Светлый фон

Подходит момент, и внешний облик героини (в авторском опять-таки восприятии) утрачивает одномерную неженственность. Война — мужская работа — не только стесала ногти, огрубила руки, но и оставила знак подлинной доблести: у Линды появилась «красивая, просто великолепная и трагическая седая прядь через всю голову, как перо на шлеме — поникшее перо».

Правда, вырванная неожиданным и сильным ударом из состояния обыденности, Линда тут же в него и возвращается. Она даже уходит из Йокнапатофы тихо, незаметно, без тех драматических эффектов, какими обычно сопровождается у Фолкнера исчезновение героев. Отчасти этого, наверное, требовала логика жизненного поведения, характера, который осуществляет себя именно в повседневности, не ищет, напротив, избегает героического жеста. Церемониальные проводы (серафимы, епископы, Елена Прекрасная и т. д.) эту логику немедленно бы разрушили. Но может быть и иное объяснение. Писатель так и не смог решить, что же ему с этой, столь на других не похожей, героиней делать. Он точно знал, что без таких людей миру не обойтись, но эмоциональной, внутренней связи так и не возникло. Может, потому еще не возникло, что Фолкнеру, как он сам признавался, «больше по душе комические или трагические персонажи, которые взбрыкивают или дурно ведут себя». А та часть рода человеческого — похоже, Линда к ней как раз и принадлежит, — «которая медленно, но верно движется по пути к бессмертию, — довольно скучный народ». И еще он говорил — тут же, не желая, как видно, быть слишком прямолинейно понятым: те, что взбрыкивают, тоже «не выражают сущности человеческого рода. Никто за краткий миг своих семидесяти лет не может стать подлинным представителем человечества; можно быть лишь ненадолго принятым в его ряды как своего рода ориентир». Эти слова, пожалуй, более точно выражают позицию художника, он ведь всегда стремился показать раздробленность человеческого сознания. Но Линда, Линда-то как раз хочет эту раздробленность преодолеть. Она — монолит, или, как сказал бы Пастернак, «односторонний фанатик», «гений самоограничения». У Фолкнера это вызывало уважение, но еще больше — настораживало. Отсюда и бьющие в глаза противоречия в отношении к героине.
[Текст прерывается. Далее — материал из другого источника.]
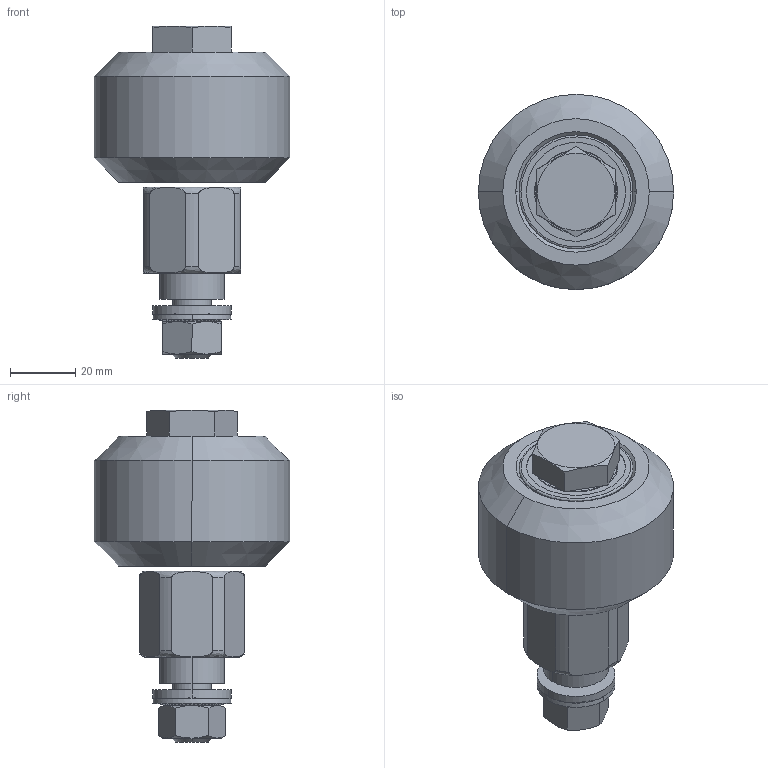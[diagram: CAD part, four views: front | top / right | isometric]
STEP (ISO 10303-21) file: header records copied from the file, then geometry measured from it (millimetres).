
FILE_DESCRIPTION (( 'STEP AP203' ), '1' );
FILE_NAME ('084.530.004.STEP', '2015-05-06T06:45:25', ( '' ), ( '' ), 'SwSTEP 2.0', 'SolidWorks 2012', '' );
FILE_SCHEMA (( 'CONFIG_CONTROL_DESIGN' ));
Length unit declared in the file: millimetre
Products named in the file (1): 084.530.004
Bounding box: 60 x 60 x 102 mm (x, y, z)
Surface area: 21215.6 mm2 (no closed solid volume)
Topology: 0 solids, 11 shells, 102 faces, 459 edges, 372 vertices
Faces by surface type: plane 40, cone 32, cylinder 22, bspline 8
Entity records: 5679 total; most frequent: CARTESIAN_POINT 2144, DIRECTION 699, ORIENTED_EDGE 650, EDGE_CURVE 459, VERTEX_POINT 372, AXIS2_PLACEMENT_3D 308, CIRCLE 213, B_SPLINE_CURVE_WITH_KNOTS 151
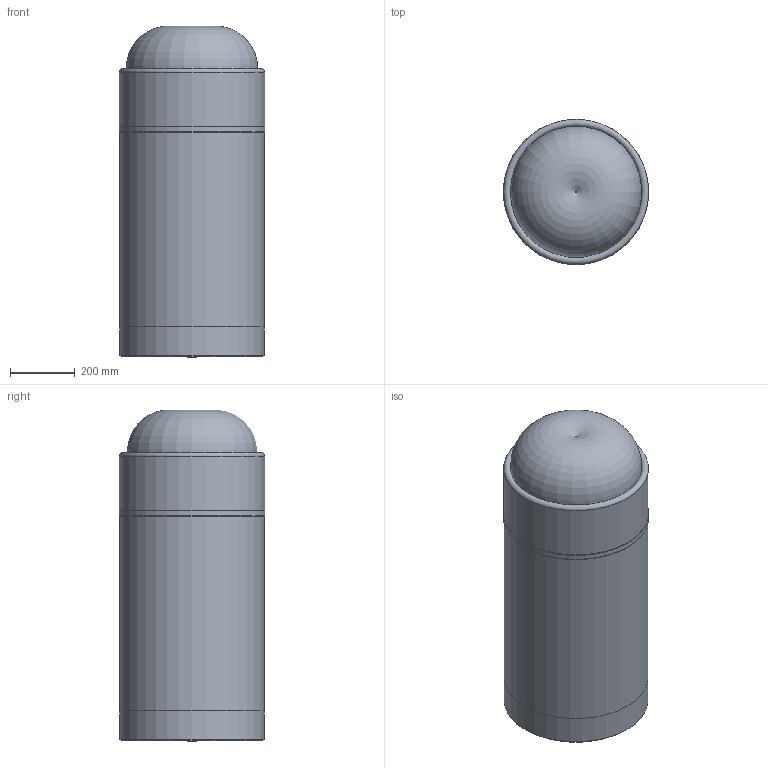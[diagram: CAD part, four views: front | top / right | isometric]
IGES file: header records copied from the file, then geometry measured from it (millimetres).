
Start section: Data from Parasolid IGES Translator 22.0.50, Copyright(c) 2006 Siemens P LM Software. All Rights Reserved.
Global section: file name: noorth-washbasin-H 88 D 45 W 45_5119.igs; native system: By Siemens PLM Incorporated; preprocessor: XPlus GENERIC/IGES 22.0.50; author: Noname; organization: Noname; date: 20240826.214003; units: metre
Bounding box: 451 x 451 x 1028.62 mm (x, y, z)
Volume: 75361434.3 mm3; surface area: 3707000.8 mm2
Topology: 11 solids, 11 shells, 66 faces, 96 edges, 61 vertices
Faces by surface type: plane 31, cylinder 27, torus 7, cone 1
Full cylindrical faces by diameter (mm): 25 x4, 50.25 x1, 55.712 x1, 61.989 x1, 150 x1, 200 x1, 250 x1, 417 x1, 429 x2, 429.156 x1, 437 x5, 437.156 x1, 442.06 x1, 447 x4, 449.8 x1, 451 x1

«Особняк» был встречен сдержанно. Да, повторяли критики, Фолкнер — великий писатель, и уж безусловно — лучший в Америке, но этот роман — не из самых сильных, в нем есть мастерство, в нем ощутима воля художника, но нет, говорилось в одной из рецензий, «того неотразимого творческого порыва, что столь чудесно возвышает ранние его вещи».